I think you'd just stuff up the cell

EDIT: Unless you actually mean an electrolytic cell, in which case the cell reaction would simply not occur.

[paper-back]

I think you'd just stuff up the cell

EDIT: Unless you actually mean an electrolytic cell, in which case the cell reaction would simply just stop occurring.

Would it increase the rate of reaction or something in the cathode if we're providing it also with electrons through the negative terminal of a battery?

[jyce]

Would it increase the rate of reaction or something in the cathode if we're providing it also with electrons through the negative terminal of a battery?

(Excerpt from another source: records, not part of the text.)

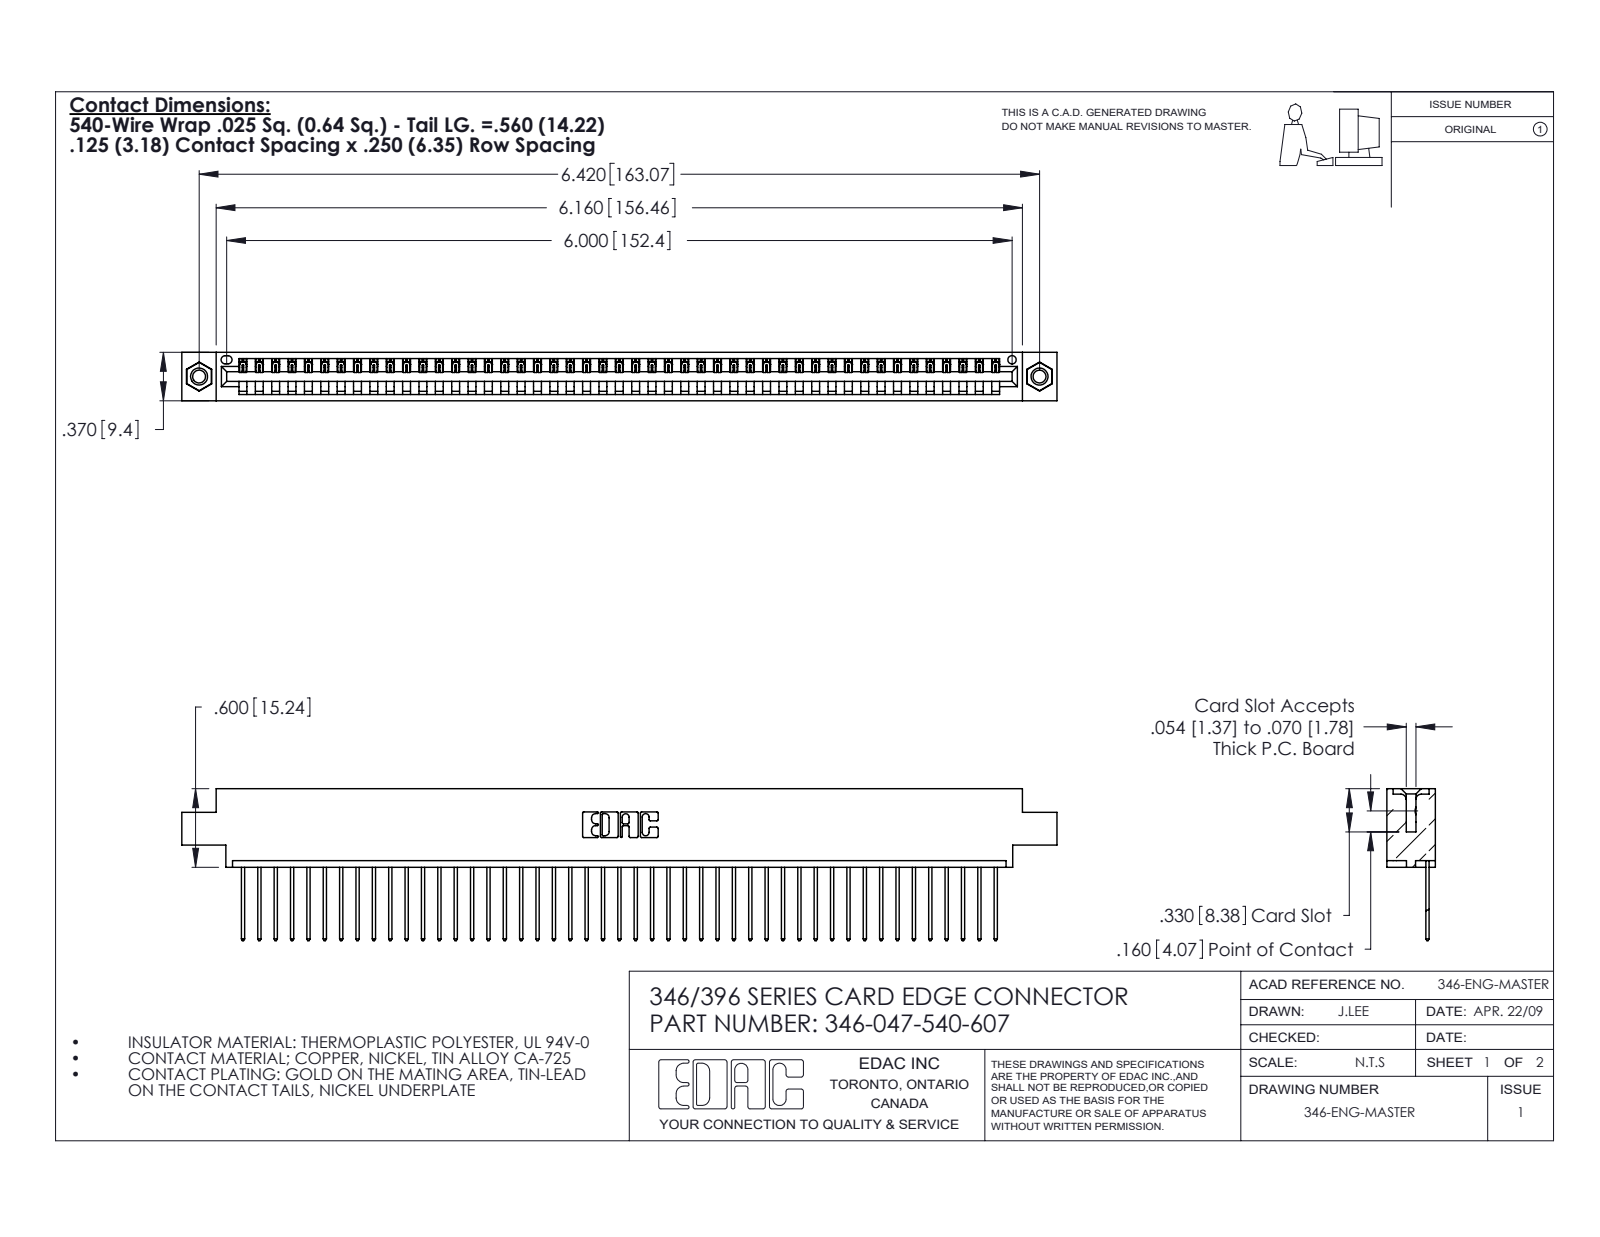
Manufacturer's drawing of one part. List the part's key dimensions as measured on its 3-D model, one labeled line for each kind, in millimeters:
Part name (STEP PRODUCT): 346-047-540-607; 346 Part_0.170 Offset - 0.156 Dia-TI; 345-250-001_345-250-005-103; 345-292-001_345-293-140
STEP written by: SolidWorks 2020 (CONFIG_CONTROL_DESIGN)
Units: millimetres
Bodies: 50 solids, 2912 faces (1992 planar, 904 cylindrical, 16 other)
Overall size (bounding box): 169.8 × 29.5 × 9.4
Volume: 16 200 mm³ · Surface area: 20 940 mm²
Round holes (diameter × count): ⌀2.5 ×2, ⌀3.2 ×2, ⌀4 ×2, ⌀1.6 ×1
Round bosses / shafts (diameter × count): ⌀3.9 ×2
Partial cylindrical surfaces — rounded edges, fillets, slot ends (radius × count): R0.2 ×94, R0.3 ×94, R0.3 ×22, R0.2 ×6, R0.8 ×6, R0.7 ×3, R0.8 ×2, R1 ×2
Main face-to-face distances: 1.2, 8.2, 9.4, 6.4, 1.8, 7.6, 0.6, 5.6, 3.8, 2.5
Hole centre spacings: 6.2, 157.8, 163.1
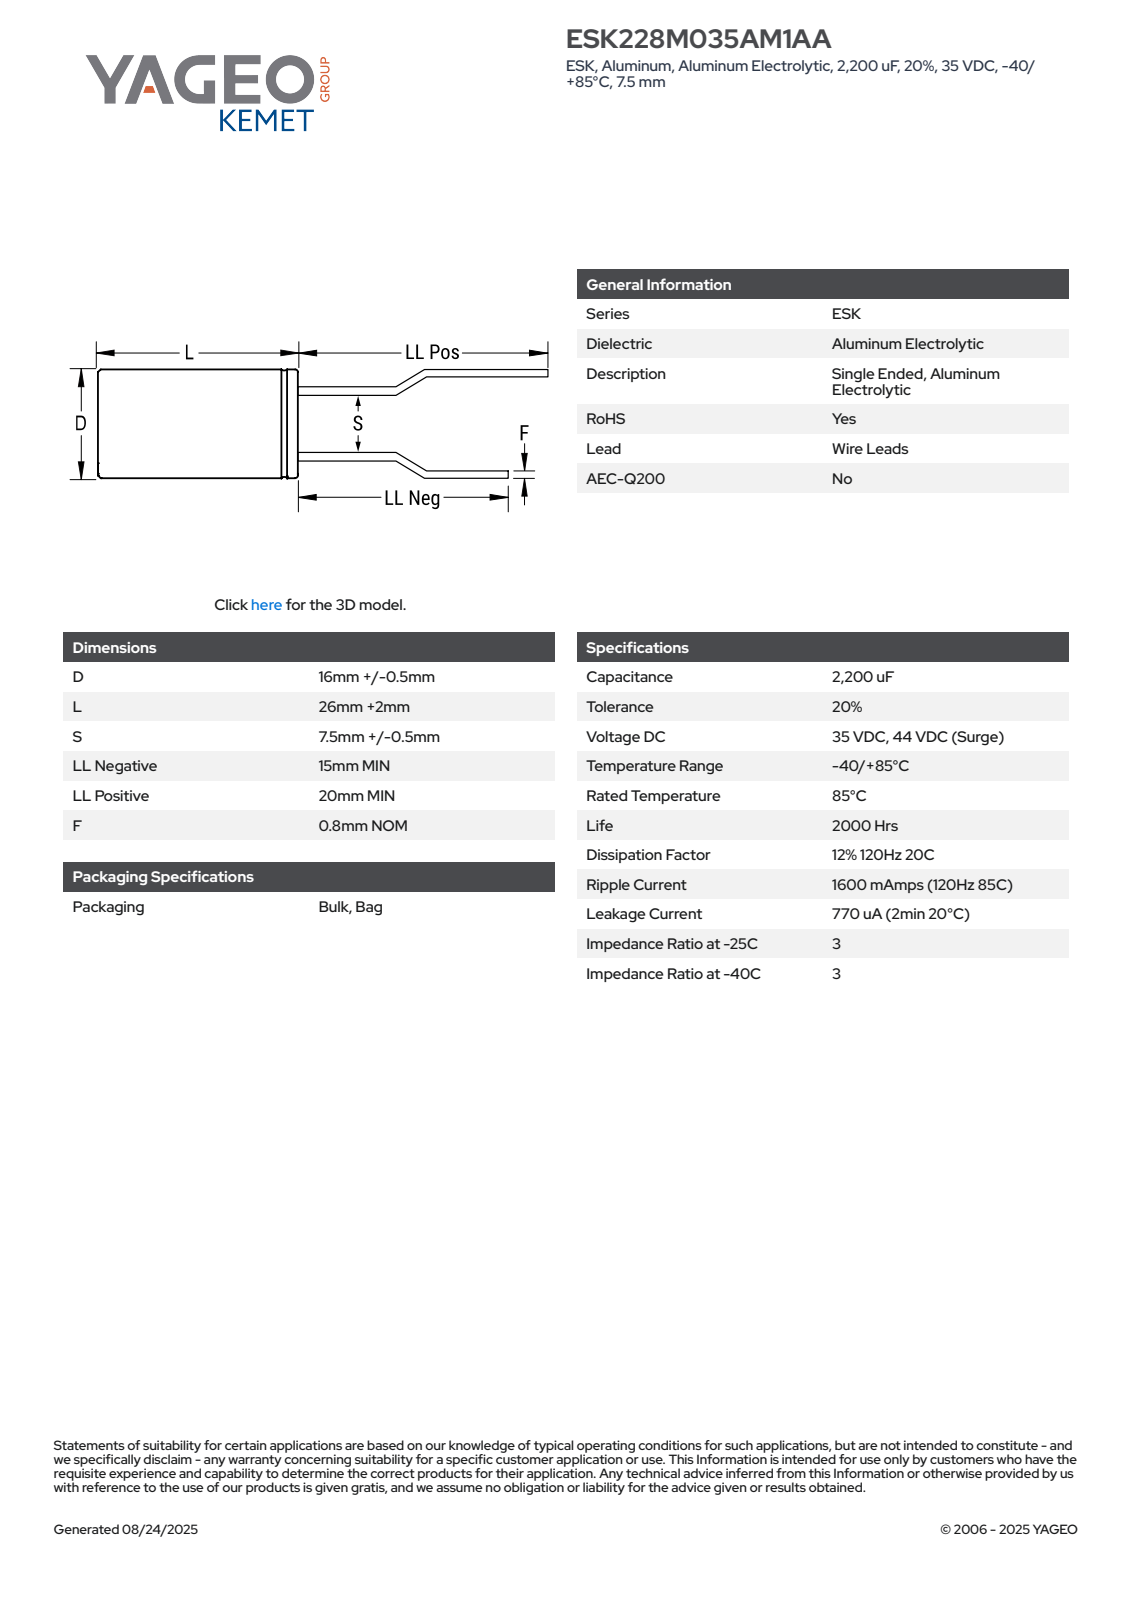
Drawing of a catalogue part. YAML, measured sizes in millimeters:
part_name: "CAR_KTRS_16X26_D16.5L28S7.5F0.8"
step_written_by: "SolidWorks 2014 (AUTOMOTIVE_DESIGN)"
units: millimeters
bodies: {solids: 4, faces: 73, planar: 61, cylindrical: 8, other: 4}
overall_size: [48.01, 16.5, 16.5]
volume: 5958
surface_area: 2028
round_bosses_or_shafts:
  - {diameter: 0.8, count: 2}
  - {diameter: 16.5, count: 1}
face_to_face_distances: [28, 28.01, 43.01, 48.01, 43, 48, 15, 20, 5, 1.96]

Well, you wouldn't want to connect the negative terminal of a battery to the positive electrode of a galvanic cell. You'd disrupt the flow of electrons, so no the rate would not increase. And if you connected the negative terminal of a battery to the negative electrode, and the positive to the positive, and if the products of the cell reaction have remained in contact with the electrodes then what you'd be doing is reversing the cell reaction (i.e. recharging the cell).

[jyce]

Hey guys,
I have an exam tomorrow afternoon and then I'm just chilling at home for the night, so tomorrow night I figure I'll keep this thread open and help you guys out with any last minute questions you have

[bonjour-sarah]

Hey guys,
I have an exam tomorrow afternoon and then I'm just chilling at home for the night, so tomorrow night I figure I'll keep this thread open and help you guys out with any last minute questions you have

Thanks for everything, you've already been an absolute incredible help to everyone!

[Mc47]

How do I input a number like 1x10^-2.1 into my calculator?

I can do 1x10^-2, but when i try to put '2.1' it comes up at '21'. Am I missing something?

[qwerty123456]

Why are enzymes ineffective at low temperatures?

[jyce]

How do I input a number like 1x10^-2.1 into my calculator?

I can do 1x10^-2, but when i try to put '2.1' it comes up at '21'. Am I missing something?

Uhh, are you forgetting to put in the '.'?? It could depend on your calculator, sorry.